States' Capex Set To Rise But Less Than Budgeted
India’s major states, helped by an improvement in revenue in the first quarter of the current fiscal are likely to step up capital expenditure. The spending boost, however, is unlikely to be as large as budgeted for, according to rating agencies.
India’s top 21 states, which account for more than 90% of aggregate state capital expenditure, had budgeted for a 36% increase in capital outlay to Rs 6 lakh crore in FY22 over revised estimates of FY21, according to data collated by Crisil.
However, the actual increase is expected to be closer to a rise of 11-13%, assuming that states spend 80-85% of the budgeted estimate, the report said. Last fiscal, states saw a rise of 11% annually over a low base of FY20 when they spent 82% of the budgeted capital outlay.
According to a separate analysis by ICRA, capital spending across the 19 largest states marginally surpassed pre-pandemic levels in the April-June 2021 quarter.
At an estimated Rs 0.6 lakh crore in Q1 FY22, capex across these states rose 2.6% from the pre-pandemic level seen in Q1 FY20. Capital spending by these states had contracted 53.4% to Rs 0.3 lakh crore in Q1 FY21 from Rs 0.6 lakh crore in Q1 FY20.
Both rating agencies said the revenue position of states has been healthy so far this year, supporting continued spending.
According to data collated by ICRA, the combined revenue receipts of the 19 states increased 30.2% in Q1 FY22 on an annual basis to Rs 4.4 lakh crore.
However, states’ combined revenue receipts in Q1 FY22 were only 2% higher than the pre-Covid level of Rs 4.3 lakh crore in Q1 FY20.
A continuation of this trend is expected to propel capex for the remaining part of the fiscal, too.CRISIL
According to Crisil, there have been some exceptions to this trend.
Six states, including Gujarat, Maharashtra, Karnataka, Tamil Nadu, Odisha and Jharkhand, which were more impacted by the second wave, saw a higher diversion of funds for Covid expenditure, resulting in capex falling even below that in the first quarter of FY20, according to Crisil
States have been losing share in the centre-state mix in infrastructure spends since end-FY19, according to Crisil's analysis. The nature of spending, too, has shifted from water supply and urban transport outlays previously, to more roads last fiscal, the report said.
Notwithstanding the improvement in revenue, fiscal balances in Q1 FY22 were weaker than the pre-Covid level, according to the analysis by ICRA.
The combined fiscal deficit of the 19 states it analysed declined modestly to Rs 1.1 lakh crore in Q1 FY22 from Rs 1.3 lakh crore in Q1 FY21, but was twice as much from Q1 FY20. Their revenue balance has slipped into a deficit in Q1 FY22, in contrast to the small surplus in Q1 FY20, partly on account of the increase in pandemic-related spending, according to ICRA.
Most states have precarious debt levels, Crisil added.
Only three had comfortable debt as per revised estimates of FY21, which is defined as lower than one-fifth of their respective GDP as recommended by the 2017 FRBM review committee.
These elevated debt levels would constrain states’ ability to spend more on capital expenditure.

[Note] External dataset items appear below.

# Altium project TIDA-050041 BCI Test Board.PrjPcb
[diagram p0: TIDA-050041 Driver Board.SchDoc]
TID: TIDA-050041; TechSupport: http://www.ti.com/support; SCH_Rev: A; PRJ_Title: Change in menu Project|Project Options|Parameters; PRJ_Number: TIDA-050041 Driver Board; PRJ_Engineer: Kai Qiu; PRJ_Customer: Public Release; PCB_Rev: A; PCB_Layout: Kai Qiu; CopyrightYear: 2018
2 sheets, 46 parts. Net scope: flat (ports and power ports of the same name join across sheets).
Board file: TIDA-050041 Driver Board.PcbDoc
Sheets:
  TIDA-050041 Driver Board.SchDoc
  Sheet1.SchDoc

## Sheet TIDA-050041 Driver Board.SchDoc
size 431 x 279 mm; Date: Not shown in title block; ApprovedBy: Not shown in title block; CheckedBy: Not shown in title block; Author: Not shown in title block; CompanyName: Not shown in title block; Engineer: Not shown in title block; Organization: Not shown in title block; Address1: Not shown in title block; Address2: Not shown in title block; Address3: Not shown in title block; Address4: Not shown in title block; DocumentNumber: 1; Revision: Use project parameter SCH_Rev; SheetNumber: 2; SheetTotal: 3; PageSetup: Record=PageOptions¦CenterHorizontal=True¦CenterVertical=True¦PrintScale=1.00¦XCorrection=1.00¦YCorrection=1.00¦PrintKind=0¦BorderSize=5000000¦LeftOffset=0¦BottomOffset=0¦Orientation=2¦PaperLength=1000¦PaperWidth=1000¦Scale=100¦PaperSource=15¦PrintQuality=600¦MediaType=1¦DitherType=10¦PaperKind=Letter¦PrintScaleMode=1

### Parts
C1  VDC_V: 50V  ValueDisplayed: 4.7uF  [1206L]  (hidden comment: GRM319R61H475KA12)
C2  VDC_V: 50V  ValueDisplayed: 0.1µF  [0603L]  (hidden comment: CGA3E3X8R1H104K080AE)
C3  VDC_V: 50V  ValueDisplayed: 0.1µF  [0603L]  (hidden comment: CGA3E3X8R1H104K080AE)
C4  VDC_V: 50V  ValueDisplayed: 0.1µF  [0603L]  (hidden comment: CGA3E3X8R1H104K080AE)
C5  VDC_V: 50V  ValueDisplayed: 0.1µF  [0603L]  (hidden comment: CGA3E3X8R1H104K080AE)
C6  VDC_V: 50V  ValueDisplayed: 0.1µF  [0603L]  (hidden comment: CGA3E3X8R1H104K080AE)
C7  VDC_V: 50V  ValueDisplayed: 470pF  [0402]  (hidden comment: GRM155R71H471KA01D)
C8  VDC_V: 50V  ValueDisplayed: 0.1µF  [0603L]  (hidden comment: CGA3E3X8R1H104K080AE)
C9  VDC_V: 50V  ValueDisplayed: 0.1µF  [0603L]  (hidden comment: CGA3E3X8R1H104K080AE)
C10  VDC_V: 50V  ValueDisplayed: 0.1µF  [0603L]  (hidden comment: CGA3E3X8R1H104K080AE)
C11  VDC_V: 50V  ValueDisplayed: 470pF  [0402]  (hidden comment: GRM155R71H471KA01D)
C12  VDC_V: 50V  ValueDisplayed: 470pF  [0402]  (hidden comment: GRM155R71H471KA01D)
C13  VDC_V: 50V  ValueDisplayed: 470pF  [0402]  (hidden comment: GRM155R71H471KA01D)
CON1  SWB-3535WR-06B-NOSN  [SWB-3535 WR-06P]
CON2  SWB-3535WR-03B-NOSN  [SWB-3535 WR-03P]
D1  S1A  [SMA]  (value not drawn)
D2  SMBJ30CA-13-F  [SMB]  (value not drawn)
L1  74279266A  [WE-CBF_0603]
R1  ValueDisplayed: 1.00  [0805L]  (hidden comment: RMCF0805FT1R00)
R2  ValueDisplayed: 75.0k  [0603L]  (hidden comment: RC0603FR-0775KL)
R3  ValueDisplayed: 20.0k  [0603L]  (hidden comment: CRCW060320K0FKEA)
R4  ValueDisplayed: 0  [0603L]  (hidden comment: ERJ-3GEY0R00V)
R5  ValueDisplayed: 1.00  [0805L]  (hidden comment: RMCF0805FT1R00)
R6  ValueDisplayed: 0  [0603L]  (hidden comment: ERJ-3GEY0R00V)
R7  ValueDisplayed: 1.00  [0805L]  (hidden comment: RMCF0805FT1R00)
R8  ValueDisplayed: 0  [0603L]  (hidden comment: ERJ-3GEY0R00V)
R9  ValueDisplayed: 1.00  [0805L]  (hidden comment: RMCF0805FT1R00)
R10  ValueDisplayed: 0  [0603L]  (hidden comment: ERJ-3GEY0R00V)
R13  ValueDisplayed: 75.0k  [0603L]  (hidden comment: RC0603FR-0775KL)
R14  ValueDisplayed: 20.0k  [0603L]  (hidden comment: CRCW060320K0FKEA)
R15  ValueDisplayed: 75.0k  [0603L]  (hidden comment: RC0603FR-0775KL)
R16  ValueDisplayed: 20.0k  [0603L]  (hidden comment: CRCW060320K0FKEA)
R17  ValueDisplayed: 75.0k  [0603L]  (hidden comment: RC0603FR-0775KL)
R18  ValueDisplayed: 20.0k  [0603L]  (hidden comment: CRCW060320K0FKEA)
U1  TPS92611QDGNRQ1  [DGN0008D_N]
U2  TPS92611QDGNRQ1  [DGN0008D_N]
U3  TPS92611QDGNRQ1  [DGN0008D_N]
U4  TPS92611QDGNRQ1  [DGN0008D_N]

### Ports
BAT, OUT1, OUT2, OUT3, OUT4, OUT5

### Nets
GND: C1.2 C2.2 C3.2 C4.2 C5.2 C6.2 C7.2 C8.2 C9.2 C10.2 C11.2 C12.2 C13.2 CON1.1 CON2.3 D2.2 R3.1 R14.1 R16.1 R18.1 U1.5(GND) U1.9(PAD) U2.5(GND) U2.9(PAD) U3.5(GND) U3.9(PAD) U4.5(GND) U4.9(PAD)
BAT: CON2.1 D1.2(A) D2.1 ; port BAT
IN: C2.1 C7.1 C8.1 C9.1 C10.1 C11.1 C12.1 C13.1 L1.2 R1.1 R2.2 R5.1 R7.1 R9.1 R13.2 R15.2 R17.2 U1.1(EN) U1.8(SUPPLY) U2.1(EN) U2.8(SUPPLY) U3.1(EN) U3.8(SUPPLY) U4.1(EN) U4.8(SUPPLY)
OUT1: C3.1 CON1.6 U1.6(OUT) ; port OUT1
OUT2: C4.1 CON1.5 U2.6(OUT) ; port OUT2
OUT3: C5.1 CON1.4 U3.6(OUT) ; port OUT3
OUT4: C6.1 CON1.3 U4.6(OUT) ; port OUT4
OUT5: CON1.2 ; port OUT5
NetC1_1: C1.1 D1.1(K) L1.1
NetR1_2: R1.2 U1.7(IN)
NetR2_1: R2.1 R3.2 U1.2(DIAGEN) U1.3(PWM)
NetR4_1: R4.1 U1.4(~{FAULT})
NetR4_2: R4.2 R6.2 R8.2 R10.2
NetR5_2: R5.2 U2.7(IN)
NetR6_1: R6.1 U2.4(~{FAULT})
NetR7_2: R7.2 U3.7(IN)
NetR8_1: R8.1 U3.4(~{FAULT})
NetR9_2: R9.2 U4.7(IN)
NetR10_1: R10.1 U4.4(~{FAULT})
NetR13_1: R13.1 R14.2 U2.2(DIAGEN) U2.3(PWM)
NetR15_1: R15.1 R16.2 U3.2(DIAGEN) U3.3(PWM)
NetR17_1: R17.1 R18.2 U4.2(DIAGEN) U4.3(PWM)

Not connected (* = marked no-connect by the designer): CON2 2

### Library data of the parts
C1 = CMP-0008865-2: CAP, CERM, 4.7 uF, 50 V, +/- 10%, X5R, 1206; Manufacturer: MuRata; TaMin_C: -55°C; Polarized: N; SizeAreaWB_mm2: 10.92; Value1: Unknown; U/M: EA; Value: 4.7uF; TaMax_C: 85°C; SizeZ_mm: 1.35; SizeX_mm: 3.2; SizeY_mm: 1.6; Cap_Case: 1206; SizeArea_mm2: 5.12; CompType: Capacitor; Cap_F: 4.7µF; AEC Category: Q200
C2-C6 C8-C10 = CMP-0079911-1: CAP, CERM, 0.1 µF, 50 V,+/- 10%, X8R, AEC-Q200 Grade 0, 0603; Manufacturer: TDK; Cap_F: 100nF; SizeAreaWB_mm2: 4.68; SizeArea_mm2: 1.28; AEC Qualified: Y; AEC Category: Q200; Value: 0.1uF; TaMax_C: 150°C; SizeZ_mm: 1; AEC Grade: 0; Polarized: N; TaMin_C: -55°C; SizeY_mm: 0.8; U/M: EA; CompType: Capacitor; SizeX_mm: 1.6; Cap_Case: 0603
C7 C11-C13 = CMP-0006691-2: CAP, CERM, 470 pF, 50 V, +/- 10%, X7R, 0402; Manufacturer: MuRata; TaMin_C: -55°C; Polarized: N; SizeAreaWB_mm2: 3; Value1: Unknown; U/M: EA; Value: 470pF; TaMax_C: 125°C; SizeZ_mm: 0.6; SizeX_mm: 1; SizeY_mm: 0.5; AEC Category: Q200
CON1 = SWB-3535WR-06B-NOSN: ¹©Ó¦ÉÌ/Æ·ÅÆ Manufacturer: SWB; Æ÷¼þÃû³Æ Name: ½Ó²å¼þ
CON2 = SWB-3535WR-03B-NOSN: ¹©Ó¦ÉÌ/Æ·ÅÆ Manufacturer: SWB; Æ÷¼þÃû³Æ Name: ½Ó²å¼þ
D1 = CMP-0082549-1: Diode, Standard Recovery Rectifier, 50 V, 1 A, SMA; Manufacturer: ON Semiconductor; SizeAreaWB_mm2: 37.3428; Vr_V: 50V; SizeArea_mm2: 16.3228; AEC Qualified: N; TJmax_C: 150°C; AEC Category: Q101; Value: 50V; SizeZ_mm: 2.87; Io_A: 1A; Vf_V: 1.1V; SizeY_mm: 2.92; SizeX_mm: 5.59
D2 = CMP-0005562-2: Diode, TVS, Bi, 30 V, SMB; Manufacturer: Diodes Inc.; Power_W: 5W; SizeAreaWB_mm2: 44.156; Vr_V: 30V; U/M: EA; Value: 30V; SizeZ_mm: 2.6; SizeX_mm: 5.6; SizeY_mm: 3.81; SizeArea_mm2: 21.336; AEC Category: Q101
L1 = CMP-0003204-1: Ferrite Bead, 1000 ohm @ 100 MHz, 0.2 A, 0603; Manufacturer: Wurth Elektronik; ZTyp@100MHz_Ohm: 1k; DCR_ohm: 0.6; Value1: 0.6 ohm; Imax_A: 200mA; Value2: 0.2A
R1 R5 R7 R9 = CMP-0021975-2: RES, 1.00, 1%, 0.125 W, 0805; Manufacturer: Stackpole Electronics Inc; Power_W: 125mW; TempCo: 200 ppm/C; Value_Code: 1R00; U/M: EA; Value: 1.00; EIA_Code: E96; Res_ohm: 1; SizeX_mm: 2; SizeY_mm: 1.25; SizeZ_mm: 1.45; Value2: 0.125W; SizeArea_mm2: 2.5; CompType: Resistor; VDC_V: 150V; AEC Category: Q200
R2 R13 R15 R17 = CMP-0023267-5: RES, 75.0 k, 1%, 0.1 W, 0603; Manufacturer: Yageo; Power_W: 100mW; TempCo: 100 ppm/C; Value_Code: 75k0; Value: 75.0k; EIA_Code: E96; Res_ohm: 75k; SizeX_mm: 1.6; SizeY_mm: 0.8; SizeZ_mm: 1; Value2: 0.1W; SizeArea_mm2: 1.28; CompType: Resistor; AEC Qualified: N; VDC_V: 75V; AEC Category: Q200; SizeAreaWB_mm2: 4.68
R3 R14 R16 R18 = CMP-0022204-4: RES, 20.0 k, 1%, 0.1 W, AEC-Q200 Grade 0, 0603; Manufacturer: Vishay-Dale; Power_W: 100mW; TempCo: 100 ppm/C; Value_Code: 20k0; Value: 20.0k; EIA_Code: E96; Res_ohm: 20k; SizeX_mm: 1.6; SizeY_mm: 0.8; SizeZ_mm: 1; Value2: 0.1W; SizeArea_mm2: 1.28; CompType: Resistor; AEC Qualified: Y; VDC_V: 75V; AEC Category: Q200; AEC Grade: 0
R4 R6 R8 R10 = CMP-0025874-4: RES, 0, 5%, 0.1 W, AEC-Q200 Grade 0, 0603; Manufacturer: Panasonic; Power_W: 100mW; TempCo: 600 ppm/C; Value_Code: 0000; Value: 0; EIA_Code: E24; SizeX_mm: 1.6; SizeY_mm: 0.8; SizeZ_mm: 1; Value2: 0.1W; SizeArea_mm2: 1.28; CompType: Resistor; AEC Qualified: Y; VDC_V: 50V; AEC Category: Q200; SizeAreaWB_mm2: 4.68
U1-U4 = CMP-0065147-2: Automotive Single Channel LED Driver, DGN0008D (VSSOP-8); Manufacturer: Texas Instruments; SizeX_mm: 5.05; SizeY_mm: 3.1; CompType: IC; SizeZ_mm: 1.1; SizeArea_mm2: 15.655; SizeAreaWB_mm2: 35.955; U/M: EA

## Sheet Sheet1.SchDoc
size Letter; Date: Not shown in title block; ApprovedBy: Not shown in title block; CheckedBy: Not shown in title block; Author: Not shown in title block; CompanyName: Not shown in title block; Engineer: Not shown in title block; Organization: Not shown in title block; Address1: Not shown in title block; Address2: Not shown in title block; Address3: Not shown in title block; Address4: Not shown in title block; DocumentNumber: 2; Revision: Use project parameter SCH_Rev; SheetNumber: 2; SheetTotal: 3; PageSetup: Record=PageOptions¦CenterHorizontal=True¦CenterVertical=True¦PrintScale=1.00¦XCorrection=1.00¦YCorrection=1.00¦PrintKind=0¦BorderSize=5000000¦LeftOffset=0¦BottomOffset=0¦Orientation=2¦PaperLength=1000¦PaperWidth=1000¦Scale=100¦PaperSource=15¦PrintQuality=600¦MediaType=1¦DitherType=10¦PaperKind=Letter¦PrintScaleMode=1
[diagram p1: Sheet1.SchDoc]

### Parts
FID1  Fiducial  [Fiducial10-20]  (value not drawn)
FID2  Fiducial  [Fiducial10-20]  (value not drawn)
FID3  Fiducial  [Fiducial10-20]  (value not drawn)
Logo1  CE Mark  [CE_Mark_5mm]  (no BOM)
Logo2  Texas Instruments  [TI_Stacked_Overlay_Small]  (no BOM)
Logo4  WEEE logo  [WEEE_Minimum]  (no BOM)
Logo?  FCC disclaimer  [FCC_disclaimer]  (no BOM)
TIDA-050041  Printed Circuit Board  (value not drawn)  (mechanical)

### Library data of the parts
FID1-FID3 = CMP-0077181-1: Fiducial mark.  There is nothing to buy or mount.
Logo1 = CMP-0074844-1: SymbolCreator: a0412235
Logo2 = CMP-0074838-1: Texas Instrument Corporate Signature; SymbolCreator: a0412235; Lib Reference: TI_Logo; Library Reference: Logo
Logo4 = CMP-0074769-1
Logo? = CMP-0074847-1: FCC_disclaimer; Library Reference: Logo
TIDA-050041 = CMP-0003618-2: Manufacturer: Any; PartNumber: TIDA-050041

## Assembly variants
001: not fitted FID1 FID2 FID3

State development loans issuance in Q1 FY22 was lower than indicated as well as year-ago level, while sharply exceeding Q1 FY20. The issuance of SDLs by 21 states increased 77.3% to Rs. 1.4 lakh crore in Q1 FY22 from Rs 0.8 lakh crore in Q1 FY20, according to ICRA.
While this was nearly 19% lower than a year ago, a few states, such as Andhra Pradesh, Haryana, Kerala, Rajasthan and Telangana, borrowed a larger amount than what they had originally indicated for the quarter.